Para Eliane, as maiores vítimas da recessão foram mesmo as escolas voltadas para a criançada. “A mãe que deixava o filho em horário integral reduziu o tempo dele na escola. Tem pai de criança pequena que pediu até a ajuda de familiares para cuidar do menino e não ter mais que pagar pelo ensino”, detalha. Ainda há muitas famílias que recorreram às Umeis, instituições bancadas pela Prefeitura de Belo Horizonte.

A coordenadora do Jardim de Infância Padre Eustáquio, Júnia Resende, diz que a média de alunos caiu de 100 para 85. “Tivemos que dispensar funcionários.

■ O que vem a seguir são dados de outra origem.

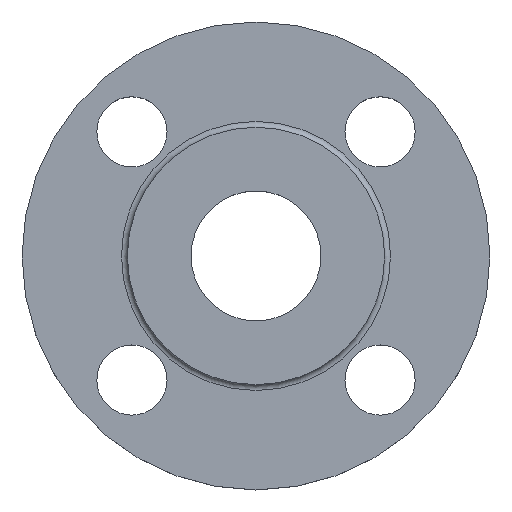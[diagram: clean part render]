
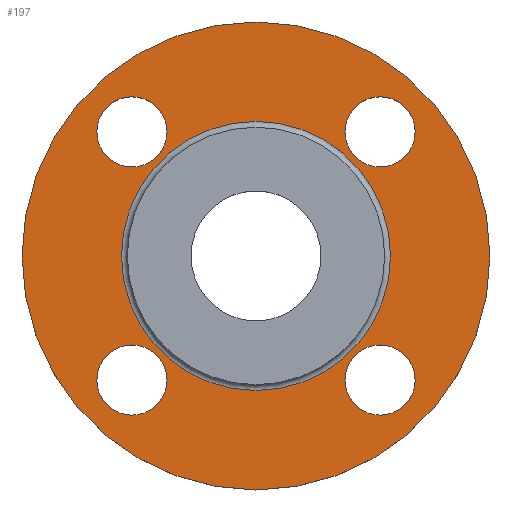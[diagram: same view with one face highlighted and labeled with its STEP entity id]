
A CAD part, top view. The second image highlights one B-rep face of the part: STEP entity #197.
In plain terms, the highlighted planar face has unit normal (0, 0, 1).
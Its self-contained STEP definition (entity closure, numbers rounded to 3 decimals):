
#33=FACE_BOUND('',#59,.T.);
#34=FACE_BOUND('',#60,.T.);
#35=FACE_BOUND('',#61,.T.);
#36=FACE_BOUND('',#62,.T.);
#37=FACE_BOUND('',#63,.T.);
#44=PLANE('',#232);
#48=FACE_OUTER_BOUND('',#58,.T.);
#58=EDGE_LOOP('',(#149,#150));
#59=EDGE_LOOP('',(#151));
#60=EDGE_LOOP('',(#152));
#61=EDGE_LOOP('',(#153));
#62=EDGE_LOOP('',(#154));
#63=EDGE_LOOP('',(#155,#156));
#78=CIRCLE('',#227,23.);
#82=CIRCLE('',#231,23.);
#83=CIRCLE('',#233,40.);
#84=CIRCLE('',#234,40.);
#85=CIRCLE('',#235,6.);
#86=CIRCLE('',#236,6.);
#87=CIRCLE('',#237,6.);
#88=CIRCLE('',#238,6.);
#98=VERTEX_POINT('',#326);
#99=VERTEX_POINT('',#327);
#102=VERTEX_POINT('',#336);
#103=VERTEX_POINT('',#337);
#104=VERTEX_POINT('',#340);
#105=VERTEX_POINT('',#342);
#106=VERTEX_POINT('',#344);
#107=VERTEX_POINT('',#346);
#117=EDGE_CURVE('',#98,#99,#78,.T.);
#121=EDGE_CURVE('',#99,#98,#82,.T.);
#122=EDGE_CURVE('',#102,#103,#83,.T.);
#123=EDGE_CURVE('',#103,#102,#84,.T.);
#124=EDGE_CURVE('',#104,#104,#85,.T.);
#125=EDGE_CURVE('',#105,#105,#86,.T.);
#126=EDGE_CURVE('',#106,#106,#87,.T.);
#127=EDGE_CURVE('',#107,#107,#88,.T.);
#149=ORIENTED_EDGE('',*,*,#122,.F.);
#150=ORIENTED_EDGE('',*,*,#123,.F.);
#151=ORIENTED_EDGE('',*,*,#124,.F.);
#152=ORIENTED_EDGE('',*,*,#125,.F.);
#153=ORIENTED_EDGE('',*,*,#126,.F.);
#154=ORIENTED_EDGE('',*,*,#127,.F.);
#155=ORIENTED_EDGE('',*,*,#117,.F.);
#156=ORIENTED_EDGE('',*,*,#121,.F.);
#197=ADVANCED_FACE('',(#48,#33,#34,#35,#36,#37),#44,.T.);
#227=AXIS2_PLACEMENT_3D('',#328,#260,#261);
#231=AXIS2_PLACEMENT_3D('',#334,#268,#269);
#232=AXIS2_PLACEMENT_3D('',#335,#270,#271);
#233=AXIS2_PLACEMENT_3D('',#338,#272,#273);
#234=AXIS2_PLACEMENT_3D('',#339,#274,#275);
#235=AXIS2_PLACEMENT_3D('',#341,#276,#277);
#236=AXIS2_PLACEMENT_3D('',#343,#278,#279);
#237=AXIS2_PLACEMENT_3D('',#345,#280,#281);
#238=AXIS2_PLACEMENT_3D('',#347,#282,#283);
#260=DIRECTION('center_axis',(0.,0.,1.));
#261=DIRECTION('ref_axis',(-1.,0.,0.));
#268=DIRECTION('center_axis',(0.,0.,1.));
#269=DIRECTION('ref_axis',(-1.,0.,0.));
#270=DIRECTION('center_axis',(0.,0.,1.));
#271=DIRECTION('ref_axis',(1.,0.,0.));
#272=DIRECTION('center_axis',(0.,0.,-1.));
#273=DIRECTION('ref_axis',(1.,0.,0.));
#274=DIRECTION('center_axis',(0.,0.,-1.));
#275=DIRECTION('ref_axis',(1.,0.,0.));
#276=DIRECTION('center_axis',(0.,0.,1.));
#277=DIRECTION('ref_axis',(1.,0.,0.));
#278=DIRECTION('center_axis',(0.,0.,1.));
#279=DIRECTION('ref_axis',(0.,1.,0.));
#280=DIRECTION('center_axis',(0.,0.,1.));
#281=DIRECTION('ref_axis',(-1.,0.,0.));
#282=DIRECTION('center_axis',(0.,0.,1.));
#283=DIRECTION('ref_axis',(0.,-1.,0.));
#326=CARTESIAN_POINT('',(23.,0.,8.));
#327=CARTESIAN_POINT('',(-23.,0.,8.));
#328=CARTESIAN_POINT('Origin',(0.,0.,8.));
#334=CARTESIAN_POINT('Origin',(0.,0.,8.));
#335=CARTESIAN_POINT('Origin',(0.,0.,8.));
#336=CARTESIAN_POINT('',(40.,0.,8.));
#337=CARTESIAN_POINT('',(-40.,0.,8.));
#338=CARTESIAN_POINT('Origin',(0.,0.,8.));
#339=CARTESIAN_POINT('Origin',(0.,0.,8.));
#340=CARTESIAN_POINT('',(-27.213,21.213,8.));
#341=CARTESIAN_POINT('Origin',(-21.213,21.213,8.));
#342=CARTESIAN_POINT('',(-21.213,-27.213,8.));
#343=CARTESIAN_POINT('Origin',(-21.213,-21.213,8.));
#344=CARTESIAN_POINT('',(27.213,-21.213,8.));
#345=CARTESIAN_POINT('Origin',(21.213,-21.213,8.));
#346=CARTESIAN_POINT('',(21.213,27.213,8.));
#347=CARTESIAN_POINT('Origin',(21.213,21.213,8.));

A gente depende do aluno para prosseguir”.

Particulares devem perder de 10% a 12% das matrículas

Como todo pai, o comerciante Alexandre Silva deseja o melhor para a filha Izadora, 10. Porém, com a crise, as vendas na farmácia despencaram e ele precisou conversar com a menina sobre uma mudança que aconteceria na vida dela. Iza deixará de conviver com amigos e professores que conheceu há cinco anos no colégio particular que estudava em Belo Horizonte. Agora, a criança vai para a escola pública.

Assim como os Silva, muitas famílias brasileiras, que há alguns anos realizaram o sonho de proporcionar aos filhos uma educação de padrão superior, agora se veem obrigados a fazer o caminho de volta.
Segundo previsão da Federação Nacional das Escolas Particulares (Fenep), a rede deve perder de 10% a 12% das matrículas em 2016 para as instituições públicas.

“O problema é que a transferência não ocorre pela melhoria na qualidade do ensino público, mas única e exclusivamente pela piora no bolso e no poder aquisitivo”, afirma a diretora da Fenep, professora Amábile Pacios.

Migração

Segundo ela, a migração atinge principalmente as classes C e D, justamente as que conseguiram pular de degrau, mas hoje dão um passo atrás.

“Mesmo com mensalidades mais baixas, os valores já não cabem mais no orçamento. O resultado é o fechamento de portas, além de professores e funcionários demitidos. Estamos engrossando a estatística dos desempregados no setor de serviços”, lamenta Amábile.

Para a diretora da Fenep, causada pelo ambiente político ruim e pela má gestão do governo, a crise econômica bloqueia a inserção das crianças no desenvolvimento educacional, com consequências perversas para essa geração.